It is a Happier New Year

If you are like me, there is a certain amount of depression that comes after the holiday season – its back to life as usual. What I miss most is the heightened focus on giving to others. This year I am happy to say that was not the case, as this marks my first new year with FSG. At FSG the focus on giving exists 365 days a year, and to my own personal delight in a way that surrounds me in the source of my passion – Knowledge Management.
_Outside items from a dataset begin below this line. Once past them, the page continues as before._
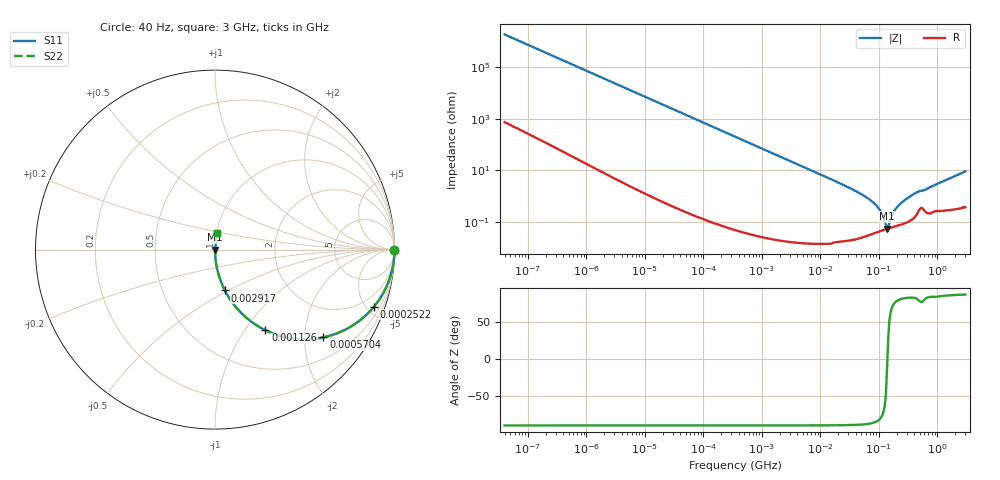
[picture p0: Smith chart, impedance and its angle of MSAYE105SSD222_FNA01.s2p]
! MSAYE105SSD222_FNA01  S-PARAMETER MODEL  ( General Type )
! Model Generated by TAIYO YUDEN Corporation (http://www.ty-top.com)
! Version 2.0
! TAIYO YUDEN Control No. 040624
! Copyright(c) 2004 TAIYO YUDEN CO.,LTD. All Rights Reserved.
! Product Description (link to TY-COMPAS)
! https://ds.yuden.co.jp/TYCOMPAS/or/detail?pn=MSAYE105SSD222KFNA01&u=M
! Products Name : Multilayer Ceramic Capacitors
! Characteristics :
!  Capacitance : 2200 pF , Rated Voltage : 16V
!  Case Size : 1.0 x 0.5 / 0.039 x 0.02 [mm/inch] , Thickness : 0.5 / 0.02 [mm/inch]
!  (Conditions: Temperature = 25 degC , DC Bias Current/Voltage = 0A / 0V)
! External Node Assignments :
!  1  o---| |---o  2
! GND o---------o GND
! Frequency Range : 40Hz  -  3GHz  [ 401 STEP ]
# MHz S RI R 50
! Freq[MHz].  S11 Real  S11 Imag  S21 Real  S21 Imag  S12 Real  S12 Imag  S22 Real  S22 Imag
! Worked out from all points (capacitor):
!   401 points, 40 Hz to 3 GHz, reference 50 ohm
!   read as one part in series: C = 2.26 nF near 44 Hz
!   lowest |Z| = 57.4 mohm at 137.5 MHz (marker M1)
!   series resonance near 139.4 MHz, so ESL is about 580 pH
!   S11 on the Smith chart (normalised r, x): 40 Hz: open; 252.2 kHz: 1.00, -5.58; 570.4 kHz: 1.00, -2.47; 1.126 MHz: 1.00, -1.25; 2.917 MHz: 1.00, -0.48; 3 GHz: 1.01, +0.18
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4e-05  1 -5.68e-05  2.7e-08 5.68e-05  2.7e-08 5.68e-05  1 -5.68e-05
7.9e-05  1 -0.000112  5.6e-08 0.000112  5.6e-08 0.000112  1 -0.000112
0.000834  1 -0.00119  1.71e-06 0.00119  1.71e-06 0.00119  1 -0.00119
0.017386  0.9994 -0.0247  0.000614 0.0247  0.000614 0.0247  0.9994 -0.0247
0.081206  0.9868 -0.1139  0.0132 0.1139  0.0132 0.1139  0.9868 -0.1139
0.252219  0.8861 -0.3176  0.1139 0.3176  0.1139 0.3176  0.8861 -0.3176
0.362475  0.7903 -0.407  0.2097 0.407  0.2097 0.407  0.7903 -0.407
0.570368  0.6035 -0.489  0.3965 0.489  0.3965 0.489  0.6035 -0.489
1.125822  0.281 -0.4493  0.719 0.4493  0.719 0.4493  0.281 -0.4493
2.916825  0.0551 -0.2278  0.9449 0.2278  0.9449 0.2278  0.0551 -0.2278
7.222098  0.0095 -0.0962  0.9905 0.0962  0.9905 0.0962  0.0095 -0.0962
32.2371  0.000622 -0.0206  0.9994 0.0206  0.9994 0.0206  0.000622 -0.0206
66.58224  0.000379 -0.00805  0.9996 0.00805  0.9996 0.00805  0.000379 -0.00805
100.1261  0.000451 -0.00333  0.9995 0.00333  0.9995 0.00333  0.000451 -0.00333
131.4235  0.000542 -0.000583  0.9995 0.000583  0.9995 0.000583  0.000542 -0.000583
137.5184  0.00056 -0.000125  0.9994 0.000125  0.9994 0.000125  0.00056 -0.000125
150.5692  0.000597 0.000756  0.9994 -0.000756  0.9994 -0.000756  0.000597 0.000756
172.504  0.000657 0.00209  0.9993 -0.00209  0.9993 -0.00209  0.000657 0.00209
197.6342  0.000725 0.00345  0.9993 -0.00345  0.9993 -0.00345  0.000725 0.00345
325.4065  0.00117 0.00925  0.9988 -0.00925  0.9988 -0.00925  0.00117 0.00925
467.657  0.00271 0.015  0.9973 -0.015  0.9973 -0.015  0.00271 0.015
3000  0.012 0.0902  0.988 -0.0902  0.988 -0.0902  0.012 0.0902

I am not only talking about my role as the Director of Knowledge Management at FSG – but the practice of FSG itself: we wallow in Knowledge Management.

 

That may seem like a strange statement to one that has not straddled the worlds of Knowledge Management and social problem solving, but to one who has, the overlap is significant – especially in the way FSG operates.

 

First consider the definition of Knowledge Management: “leveraging collective know how and experience to increase responsiveness and innovation.”  Furthermore, as I have written about before Knowledge Management is a multi-faceted practice, that often manifests in subtle yet pervasive ways. It is tightly intertwined with practices such as community development, collaboration, innovation and creative problem solving. These are all issues fundamental to the core of FSG’s work.

 

In the recently published article by John Kania and Mark Kramer, “Collective Impact,” Kania and Kramer define a new approach to large scale social change, an approach founded in basic tenets of Knowledge Management including collaboration, team management and developing trust, social networks, shared measurement, information sharing, shared vision (referred to in the article as common agenda), and crowdsourcing (referred to in the article as collective impact).

 

In a recent blog post, Andrew Wolk cites the "Collective Impact" article as illustration of the advancements being made in social innovation. I have to smile when I read that phrase. By its very definition Knowledge Management is about innovation, and as Wolk points out, this new direction in philanthropy is all about INNOVATION. It is not just about solving the problem but in thinking creatively to solve it better.

 

In its essence, FSG is really an innovation firm; part think tank – developing new ideas and approaches – and part consulting firm, integrating new solutions into the thinking and programs of its clients.

 

In our work with foundations, corporations, nonprofits, and governmental organizations, we deploy approaches, such as collective impact, in collaboration with forward-thinking clients trying to not only “make a difference” but understand how they make that difference, and increase the impact of their efforts.

 

Most importantly, as we do this work, we evolve. As managing Director Greg Hills recently opined, “We glean immense learning from that (consulting) process. Our ideas on how to identify and pursue collective impact opportunities are still evolving.” Indeed, as is the case with any knowledge-driven organization, we are always learning.

 

Our work is not about coming up with an answer, but to “leverage collective know how and experience to increase innovation and responsiveness” – and effectiveness, or as it is stated on the back of our business cards “discovering better ways to solve social problems.”